TASK TO CARRY OUT: Please report, as a single number with no other text, how many lines of the listing contain "source".
-=-=-
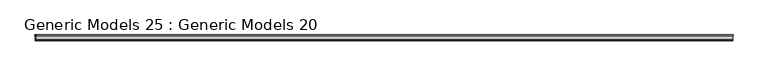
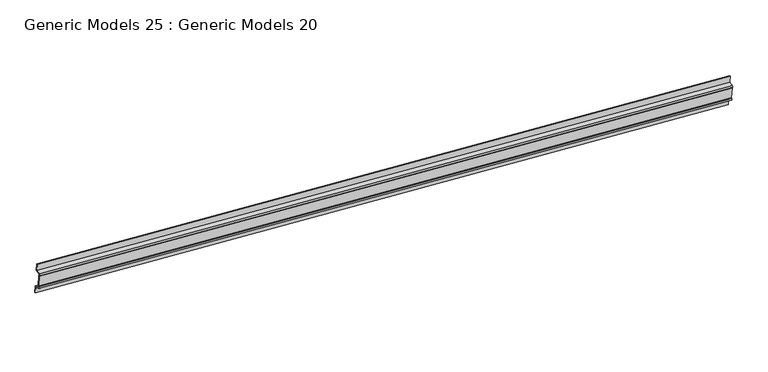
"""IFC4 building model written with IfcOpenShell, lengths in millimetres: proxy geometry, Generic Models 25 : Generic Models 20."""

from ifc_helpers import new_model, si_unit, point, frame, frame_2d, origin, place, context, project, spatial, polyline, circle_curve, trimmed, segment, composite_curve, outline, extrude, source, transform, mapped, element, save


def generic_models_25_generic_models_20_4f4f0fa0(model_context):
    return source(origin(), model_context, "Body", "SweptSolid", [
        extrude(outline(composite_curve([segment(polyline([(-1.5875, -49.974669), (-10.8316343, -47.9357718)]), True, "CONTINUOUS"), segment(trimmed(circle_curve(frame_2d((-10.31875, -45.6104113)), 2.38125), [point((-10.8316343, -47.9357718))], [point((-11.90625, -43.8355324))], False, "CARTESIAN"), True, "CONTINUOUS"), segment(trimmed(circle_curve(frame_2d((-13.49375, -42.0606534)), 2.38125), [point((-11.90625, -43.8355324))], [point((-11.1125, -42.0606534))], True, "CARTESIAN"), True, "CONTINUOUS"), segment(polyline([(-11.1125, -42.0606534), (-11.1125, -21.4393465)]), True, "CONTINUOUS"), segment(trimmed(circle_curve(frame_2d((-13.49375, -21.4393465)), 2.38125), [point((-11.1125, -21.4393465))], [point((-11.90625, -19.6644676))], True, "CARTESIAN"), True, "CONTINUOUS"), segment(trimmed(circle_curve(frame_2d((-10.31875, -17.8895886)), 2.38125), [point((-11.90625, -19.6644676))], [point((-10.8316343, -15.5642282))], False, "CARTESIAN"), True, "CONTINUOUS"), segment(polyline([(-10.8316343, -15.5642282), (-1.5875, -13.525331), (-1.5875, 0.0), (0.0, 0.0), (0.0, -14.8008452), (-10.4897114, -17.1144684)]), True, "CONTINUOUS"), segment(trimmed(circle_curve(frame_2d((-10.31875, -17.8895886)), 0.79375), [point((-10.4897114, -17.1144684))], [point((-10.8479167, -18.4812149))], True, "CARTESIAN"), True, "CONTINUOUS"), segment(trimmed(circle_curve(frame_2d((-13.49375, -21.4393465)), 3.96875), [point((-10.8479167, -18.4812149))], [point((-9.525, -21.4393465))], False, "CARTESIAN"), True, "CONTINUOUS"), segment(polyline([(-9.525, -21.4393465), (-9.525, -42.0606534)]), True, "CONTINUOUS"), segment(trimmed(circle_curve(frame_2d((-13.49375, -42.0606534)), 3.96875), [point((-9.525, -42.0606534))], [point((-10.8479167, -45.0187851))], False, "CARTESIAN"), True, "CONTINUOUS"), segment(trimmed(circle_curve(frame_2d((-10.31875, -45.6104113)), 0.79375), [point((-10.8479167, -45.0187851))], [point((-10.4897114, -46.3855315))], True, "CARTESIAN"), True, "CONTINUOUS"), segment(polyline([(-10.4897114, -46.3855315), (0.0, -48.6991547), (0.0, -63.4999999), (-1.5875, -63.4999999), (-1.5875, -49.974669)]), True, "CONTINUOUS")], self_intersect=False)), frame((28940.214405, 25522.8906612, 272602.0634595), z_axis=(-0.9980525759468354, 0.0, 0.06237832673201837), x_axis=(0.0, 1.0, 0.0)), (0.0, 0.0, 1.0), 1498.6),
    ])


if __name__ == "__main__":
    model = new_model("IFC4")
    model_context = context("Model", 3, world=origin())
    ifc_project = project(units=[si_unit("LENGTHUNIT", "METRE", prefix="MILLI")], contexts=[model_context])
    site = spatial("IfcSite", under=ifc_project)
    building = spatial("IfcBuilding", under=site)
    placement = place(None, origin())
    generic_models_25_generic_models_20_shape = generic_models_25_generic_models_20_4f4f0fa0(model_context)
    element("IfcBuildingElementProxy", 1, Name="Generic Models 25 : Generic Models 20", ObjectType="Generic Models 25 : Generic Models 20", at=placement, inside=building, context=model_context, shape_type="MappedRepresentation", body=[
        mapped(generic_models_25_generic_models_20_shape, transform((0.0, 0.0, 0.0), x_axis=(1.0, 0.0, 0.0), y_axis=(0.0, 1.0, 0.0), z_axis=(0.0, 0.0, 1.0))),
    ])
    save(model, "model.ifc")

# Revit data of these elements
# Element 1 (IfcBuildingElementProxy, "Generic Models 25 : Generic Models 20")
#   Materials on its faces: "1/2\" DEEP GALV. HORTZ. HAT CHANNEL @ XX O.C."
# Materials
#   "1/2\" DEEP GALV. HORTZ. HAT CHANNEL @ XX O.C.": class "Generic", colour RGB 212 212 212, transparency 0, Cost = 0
-=-=-
EXPECTED OUTPUT: 2